◆ WHAT IS BEING ASKED ◆
Starting at the line with "#44282=CARTESIAN_POINT('',(-3.5,-1.71,-0.7));" and going on through the line with "#58828=VERTEX_POINT('',#58826);", reproduce each line in the records below exactly and nothing more.

Entries taken from a collection:
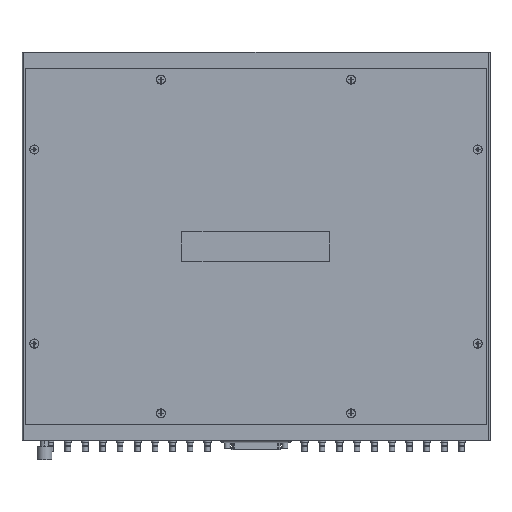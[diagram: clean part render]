
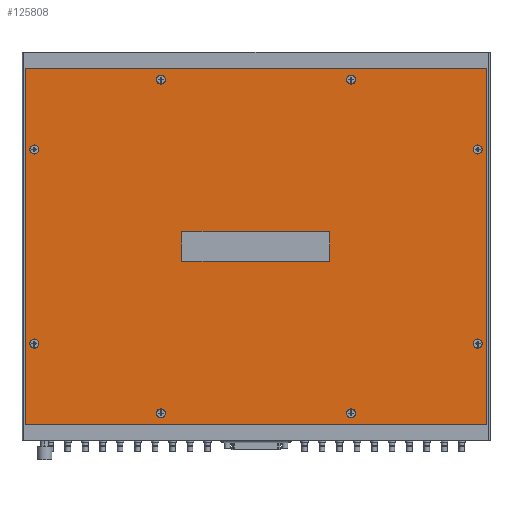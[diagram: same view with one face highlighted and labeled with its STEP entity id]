
A CAD part, front view. The second image highlights one B-rep face of the part: STEP entity #125808.
In plain terms, the highlighted planar face has unit normal (0, -1, 0).
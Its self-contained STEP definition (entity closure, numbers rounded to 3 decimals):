
#44201=DIRECTION('',(0.,0.,-1.));
#44202=VECTOR('',#44201,9.15);
#44203=CARTESIAN_POINT('',(-0.015,-1.71,-0.425));
#44204=LINE('',#44203,#44202);
#44205=DIRECTION('',(-1.,0.,0.));
#44206=VECTOR('',#44205,11.87);
#44207=CARTESIAN_POINT('',(-0.015,-1.71,-9.575));
#44208=LINE('',#44207,#44206);
#44209=DIRECTION('',(0.,0.,1.));
#44210=VECTOR('',#44209,9.15);
#44211=CARTESIAN_POINT('',(-11.885,-1.71,-9.575));
#44212=LINE('',#44211,#44210);
#44213=DIRECTION('',(1.,0.,0.));
#44214=VECTOR('',#44213,11.87);
#44215=CARTESIAN_POINT('',(-11.885,-1.71,-0.425));
#44216=LINE('',#44215,#44214);
#44217=CARTESIAN_POINT('',(-11.663,-1.71,-7.5));
#44218=DIRECTION('',(0.,1.,0.));
#44219=DIRECTION('',(1.,0.,0.));
#44220=AXIS2_PLACEMENT_3D('',#44217,#44218,#44219);
#44222=CARTESIAN_POINT('',(-11.663,-1.71,-7.5));
#44223=DIRECTION('',(0.,1.,0.));
#44224=DIRECTION('',(-1.,0.,0.));
#44225=AXIS2_PLACEMENT_3D('',#44222,#44223,#44224);
#44227=CARTESIAN_POINT('',(-11.663,-1.71,-2.5));
#44228=DIRECTION('',(0.,1.,0.));
#44229=DIRECTION('',(1.,0.,0.));
#44230=AXIS2_PLACEMENT_3D('',#44227,#44228,#44229);
#44232=CARTESIAN_POINT('',(-11.663,-1.71,-2.5));
#44233=DIRECTION('',(0.,1.,0.));
#44234=DIRECTION('',(-1.,0.,0.));
#44235=AXIS2_PLACEMENT_3D('',#44232,#44233,#44234);
#44237=CARTESIAN_POINT('',(-8.4,-1.71,-9.3));
#44238=DIRECTION('',(0.,1.,0.));
#44239=DIRECTION('',(1.,0.,0.));
#44240=AXIS2_PLACEMENT_3D('',#44237,#44238,#44239);
#44242=CARTESIAN_POINT('',(-8.4,-1.71,-9.3));
#44243=DIRECTION('',(0.,1.,0.));
#44244=DIRECTION('',(-1.,0.,0.));
#44245=AXIS2_PLACEMENT_3D('',#44242,#44243,#44244);
#44247=CARTESIAN_POINT('',(-3.5,-1.71,-9.3));
#44248=DIRECTION('',(0.,1.,0.));
#44249=DIRECTION('',(1.,0.,0.));
#44250=AXIS2_PLACEMENT_3D('',#44247,#44248,#44249);
#44252=CARTESIAN_POINT('',(-3.5,-1.71,-9.3));
#44253=DIRECTION('',(0.,1.,0.));
#44254=DIRECTION('',(-1.,0.,0.));
#44255=AXIS2_PLACEMENT_3D('',#44252,#44253,#44254);
#44257=CARTESIAN_POINT('',(-0.238,-1.71,-7.5));
#44258=DIRECTION('',(0.,1.,0.));
#44259=DIRECTION('',(1.,0.,0.));
#44260=AXIS2_PLACEMENT_3D('',#44257,#44258,#44259);
#44262=CARTESIAN_POINT('',(-0.238,-1.71,-7.5));
#44263=DIRECTION('',(0.,1.,0.));
#44264=DIRECTION('',(-1.,0.,0.));
#44265=AXIS2_PLACEMENT_3D('',#44262,#44263,#44264);
#44267=CARTESIAN_POINT('',(-0.238,-1.71,-2.5));
#44268=DIRECTION('',(0.,1.,0.));
#44269=DIRECTION('',(1.,0.,0.));
#44270=AXIS2_PLACEMENT_3D('',#44267,#44268,#44269);
#44272=CARTESIAN_POINT('',(-0.238,-1.71,-2.5));
#44273=DIRECTION('',(0.,1.,0.));
#44274=DIRECTION('',(-1.,0.,0.));
#44275=AXIS2_PLACEMENT_3D('',#44272,#44273,#44274);
#44277=CARTESIAN_POINT('',(-3.5,-1.71,-0.7));
#44278=DIRECTION('',(0.,1.,0.));
#44279=DIRECTION('',(1.,0.,0.));
#44280=AXIS2_PLACEMENT_3D('',#44277,#44278,#44279);
#44282=CARTESIAN_POINT('',(-3.5,-1.71,-0.7));
#44283=DIRECTION('',(0.,1.,0.));
#44284=DIRECTION('',(-1.,0.,0.));
#44285=AXIS2_PLACEMENT_3D('',#44282,#44283,#44284);
#44287=CARTESIAN_POINT('',(-8.4,-1.71,-0.7));
#44288=DIRECTION('',(0.,1.,0.));
#44289=DIRECTION('',(1.,0.,0.));
#44290=AXIS2_PLACEMENT_3D('',#44287,#44288,#44289);
#44292=CARTESIAN_POINT('',(-8.4,-1.71,-0.7));
#44293=DIRECTION('',(0.,1.,0.));
#44294=DIRECTION('',(-1.,0.,0.));
#44295=AXIS2_PLACEMENT_3D('',#44292,#44293,#44294);
#44297=DIRECTION('',(-1.,0.,0.));
#44298=VECTOR('',#44297,3.81);
#44299=CARTESIAN_POINT('',(-4.05,-1.71,-4.625));
#44300=LINE('',#44299,#44298);
#44301=DIRECTION('',(0.,0.,-1.));
#44302=VECTOR('',#44301,0.75);
#44303=CARTESIAN_POINT('',(-7.86,-1.71,-4.625));
#44304=LINE('',#44303,#44302);
#44305=DIRECTION('',(1.,0.,0.));
#44306=VECTOR('',#44305,3.81);
#44307=CARTESIAN_POINT('',(-7.86,-1.71,-5.375));
#44308=LINE('',#44307,#44306);
#44309=DIRECTION('',(0.,0.,1.));
#44310=VECTOR('',#44309,0.75);
#44311=CARTESIAN_POINT('',(-4.05,-1.71,-5.375));
#44312=LINE('',#44311,#44310);
#58777=CARTESIAN_POINT('',(-0.015,-1.71,-0.425));
#58778=CARTESIAN_POINT('',(-0.015,-1.71,-9.575));
#58779=VERTEX_POINT('',#58777);
#58780=VERTEX_POINT('',#58778);
#58781=CARTESIAN_POINT('',(-11.885,-1.71,-9.575));
#58782=VERTEX_POINT('',#58781);
#58783=CARTESIAN_POINT('',(-11.885,-1.71,-0.425));
#58784=VERTEX_POINT('',#58783);
#58817=CARTESIAN_POINT('',(-11.545,-1.71,-7.5));
#58818=CARTESIAN_POINT('',(-11.78,-1.71,-7.5));
#58819=VERTEX_POINT('',#58817);
#58820=VERTEX_POINT('',#58818);
#58821=CARTESIAN_POINT('',(-11.545,-1.71,-2.5));
#58822=CARTESIAN_POINT('',(-11.78,-1.71,-2.5));
#58823=VERTEX_POINT('',#58821);
#58824=VERTEX_POINT('',#58822);
#58825=CARTESIAN_POINT('',(-8.283,-1.71,-9.3));
#58826=CARTESIAN_POINT('',(-8.518,-1.71,-9.3));
#58827=VERTEX_POINT('',#58825);
#58828=VERTEX_POINT('',#58826);
#58829=CARTESIAN_POINT('',(-3.383,-1.71,-9.3));
#58830=CARTESIAN_POINT('',(-3.618,-1.71,-9.3));
#58831=VERTEX_POINT('',#58829);
#58832=VERTEX_POINT('',#58830);
#58833=CARTESIAN_POINT('',(-0.12,-1.71,-7.5));
#58834=CARTESIAN_POINT('',(-0.355,-1.71,-7.5));
#58835=VERTEX_POINT('',#58833);
#58836=VERTEX_POINT('',#58834);
#58837=CARTESIAN_POINT('',(-0.12,-1.71,-2.5));
#58838=CARTESIAN_POINT('',(-0.355,-1.71,-2.5));
#58839=VERTEX_POINT('',#58837);
#58840=VERTEX_POINT('',#58838);
#58841=CARTESIAN_POINT('',(-3.383,-1.71,-0.7));
#58842=CARTESIAN_POINT('',(-3.618,-1.71,-0.7));
#58843=VERTEX_POINT('',#58841);
#58844=VERTEX_POINT('',#58842);
#58845=CARTESIAN_POINT('',(-8.283,-1.71,-0.7));
#58846=CARTESIAN_POINT('',(-8.518,-1.71,-0.7));
#58847=VERTEX_POINT('',#58845);
#58848=VERTEX_POINT('',#58846);
#59657=CARTESIAN_POINT('',(-4.05,-1.71,-4.625));
#59658=CARTESIAN_POINT('',(-7.86,-1.71,-4.625));
#59659=VERTEX_POINT('',#59657);
#59660=VERTEX_POINT('',#59658);
#59661=CARTESIAN_POINT('',(-7.86,-1.71,-5.375));
#59662=VERTEX_POINT('',#59661);
#59663=CARTESIAN_POINT('',(-4.05,-1.71,-5.375));
#59664=VERTEX_POINT('',#59663);
#125738=CARTESIAN_POINT('',(-0.015,-1.71,-0.425));
#125739=DIRECTION('',(0.,1.,0.));
#125740=DIRECTION('',(-1.,0.,0.));
#125741=AXIS2_PLACEMENT_3D('',#125738,#125739,#125740);
#125742=PLANE('',#125741);
#125743=ORIENTED_EDGE('',*,*,#61689,.T.);
#125744=ORIENTED_EDGE('',*,*,#125732,.T.);
#125745=ORIENTED_EDGE('',*,*,#61491,.T.);
#125747=ORIENTED_EDGE('',*,*,#125746,.T.);
#125748=EDGE_LOOP('',(#125743,#125744,#125745,#125747));
#125749=FACE_OUTER_BOUND('',#125748,.F.);
#125751=ORIENTED_EDGE('',*,*,#125750,.F.);
#125753=ORIENTED_EDGE('',*,*,#125752,.F.);
#125754=EDGE_LOOP('',(#125751,#125753));
#125755=FACE_BOUND('',#125754,.F.);
#125757=ORIENTED_EDGE('',*,*,#125756,.F.);
#125759=ORIENTED_EDGE('',*,*,#125758,.F.);
#125760=EDGE_LOOP('',(#125757,#125759));
#125761=FACE_BOUND('',#125760,.F.);
#125763=ORIENTED_EDGE('',*,*,#125762,.F.);
#125765=ORIENTED_EDGE('',*,*,#125764,.F.);
#125766=EDGE_LOOP('',(#125763,#125765));
#125767=FACE_BOUND('',#125766,.F.);
#125769=ORIENTED_EDGE('',*,*,#125768,.F.);
#125771=ORIENTED_EDGE('',*,*,#125770,.F.);
#125772=EDGE_LOOP('',(#125769,#125771));
#125773=FACE_BOUND('',#125772,.F.);
#125775=ORIENTED_EDGE('',*,*,#125774,.F.);
#125777=ORIENTED_EDGE('',*,*,#125776,.F.);
#125778=EDGE_LOOP('',(#125775,#125777));
#125779=FACE_BOUND('',#125778,.F.);
#125781=ORIENTED_EDGE('',*,*,#125780,.F.);
#125783=ORIENTED_EDGE('',*,*,#125782,.F.);
#125784=EDGE_LOOP('',(#125781,#125783));
#125785=FACE_BOUND('',#125784,.F.);
#125787=ORIENTED_EDGE('',*,*,#125786,.F.);
#125789=ORIENTED_EDGE('',*,*,#125788,.F.);
#125790=EDGE_LOOP('',(#125787,#125789));
#125791=FACE_BOUND('',#125790,.F.);
#125793=ORIENTED_EDGE('',*,*,#125792,.F.);
#125795=ORIENTED_EDGE('',*,*,#125794,.F.);
#125796=EDGE_LOOP('',(#125793,#125795));
#125797=FACE_BOUND('',#125796,.F.);
#125799=ORIENTED_EDGE('',*,*,#125798,.T.);
#125801=ORIENTED_EDGE('',*,*,#125800,.T.);
#125803=ORIENTED_EDGE('',*,*,#125802,.T.);
#125805=ORIENTED_EDGE('',*,*,#125804,.T.);
#125806=EDGE_LOOP('',(#125799,#125801,#125803,#125805));
#125807=FACE_BOUND('',#125806,.F.);
#125808=ADVANCED_FACE('',(#125749,#125755,#125761,#125767,#125773,#125779,
#125785,#125791,#125797,#125807),#125742,.F.);
#44221=CIRCLE('',#44220,0.118);
#44226=CIRCLE('',#44225,0.118);
#44231=CIRCLE('',#44230,0.118);
#44236=CIRCLE('',#44235,0.118);
#44241=CIRCLE('',#44240,0.118);
#44246=CIRCLE('',#44245,0.118);
#44251=CIRCLE('',#44250,0.118);
#44256=CIRCLE('',#44255,0.118);
#44261=CIRCLE('',#44260,0.118);
#44266=CIRCLE('',#44265,0.118);
#44271=CIRCLE('',#44270,0.118);
#44276=CIRCLE('',#44275,0.118);
#44281=CIRCLE('',#44280,0.118);
#44286=CIRCLE('',#44285,0.118);
#44291=CIRCLE('',#44290,0.118);
#44296=CIRCLE('',#44295,0.118);
#61491=EDGE_CURVE('',#58782,#58784,#44212,.T.);
#61689=EDGE_CURVE('',#58779,#58780,#44204,.T.);
#125732=EDGE_CURVE('',#58780,#58782,#44208,.T.);
#125746=EDGE_CURVE('',#58784,#58779,#44216,.T.);
#125750=EDGE_CURVE('',#58819,#58820,#44221,.T.);
#125752=EDGE_CURVE('',#58820,#58819,#44226,.T.);
#125756=EDGE_CURVE('',#58823,#58824,#44231,.T.);
#125758=EDGE_CURVE('',#58824,#58823,#44236,.T.);
#125762=EDGE_CURVE('',#58827,#58828,#44241,.T.);
#125764=EDGE_CURVE('',#58828,#58827,#44246,.T.);
#125768=EDGE_CURVE('',#58831,#58832,#44251,.T.);
#125770=EDGE_CURVE('',#58832,#58831,#44256,.T.);
#125774=EDGE_CURVE('',#58835,#58836,#44261,.T.);
#125776=EDGE_CURVE('',#58836,#58835,#44266,.T.);
#125780=EDGE_CURVE('',#58839,#58840,#44271,.T.);
#125782=EDGE_CURVE('',#58840,#58839,#44276,.T.);
#125786=EDGE_CURVE('',#58843,#58844,#44281,.T.);
#125788=EDGE_CURVE('',#58844,#58843,#44286,.T.);
#125792=EDGE_CURVE('',#58847,#58848,#44291,.T.);
#125794=EDGE_CURVE('',#58848,#58847,#44296,.T.);
#125798=EDGE_CURVE('',#59659,#59660,#44300,.T.);
#125800=EDGE_CURVE('',#59660,#59662,#44304,.T.);
#125802=EDGE_CURVE('',#59662,#59664,#44308,.T.);
#125804=EDGE_CURVE('',#59664,#59659,#44312,.T.);

◆ RESULT OF THIS EXERCISE ◆
#44282=CARTESIAN_POINT('',(-3.5,-1.71,-0.7));
#44283=DIRECTION('',(0.,1.,0.));
#44284=DIRECTION('',(-1.,0.,0.));
#44285=AXIS2_PLACEMENT_3D('',#44282,#44283,#44284);
#44287=CARTESIAN_POINT('',(-8.4,-1.71,-0.7));
#44288=DIRECTION('',(0.,1.,0.));
#44289=DIRECTION('',(1.,0.,0.));
#44290=AXIS2_PLACEMENT_3D('',#44287,#44288,#44289);
#44292=CARTESIAN_POINT('',(-8.4,-1.71,-0.7));
#44293=DIRECTION('',(0.,1.,0.));
#44294=DIRECTION('',(-1.,0.,0.));
#44295=AXIS2_PLACEMENT_3D('',#44292,#44293,#44294);
#44297=DIRECTION('',(-1.,0.,0.));
#44298=VECTOR('',#44297,3.81);
#44299=CARTESIAN_POINT('',(-4.05,-1.71,-4.625));
#44300=LINE('',#44299,#44298);
#44301=DIRECTION('',(0.,0.,-1.));
#44302=VECTOR('',#44301,0.75);
#44303=CARTESIAN_POINT('',(-7.86,-1.71,-4.625));
#44304=LINE('',#44303,#44302);
#44305=DIRECTION('',(1.,0.,0.));
#44306=VECTOR('',#44305,3.81);
#44307=CARTESIAN_POINT('',(-7.86,-1.71,-5.375));
#44308=LINE('',#44307,#44306);
#44309=DIRECTION('',(0.,0.,1.));
#44310=VECTOR('',#44309,0.75);
#44311=CARTESIAN_POINT('',(-4.05,-1.71,-5.375));
#44312=LINE('',#44311,#44310);
#58777=CARTESIAN_POINT('',(-0.015,-1.71,-0.425));
#58778=CARTESIAN_POINT('',(-0.015,-1.71,-9.575));
#58779=VERTEX_POINT('',#58777);
#58780=VERTEX_POINT('',#58778);
#58781=CARTESIAN_POINT('',(-11.885,-1.71,-9.575));
#58782=VERTEX_POINT('',#58781);
#58783=CARTESIAN_POINT('',(-11.885,-1.71,-0.425));
#58784=VERTEX_POINT('',#58783);
#58817=CARTESIAN_POINT('',(-11.545,-1.71,-7.5));
#58818=CARTESIAN_POINT('',(-11.78,-1.71,-7.5));
#58819=VERTEX_POINT('',#58817);
#58820=VERTEX_POINT('',#58818);
#58821=CARTESIAN_POINT('',(-11.545,-1.71,-2.5));
#58822=CARTESIAN_POINT('',(-11.78,-1.71,-2.5));
#58823=VERTEX_POINT('',#58821);
#58824=VERTEX_POINT('',#58822);
#58825=CARTESIAN_POINT('',(-8.283,-1.71,-9.3));
#58826=CARTESIAN_POINT('',(-8.518,-1.71,-9.3));
#58827=VERTEX_POINT('',#58825);
#58828=VERTEX_POINT('',#58826);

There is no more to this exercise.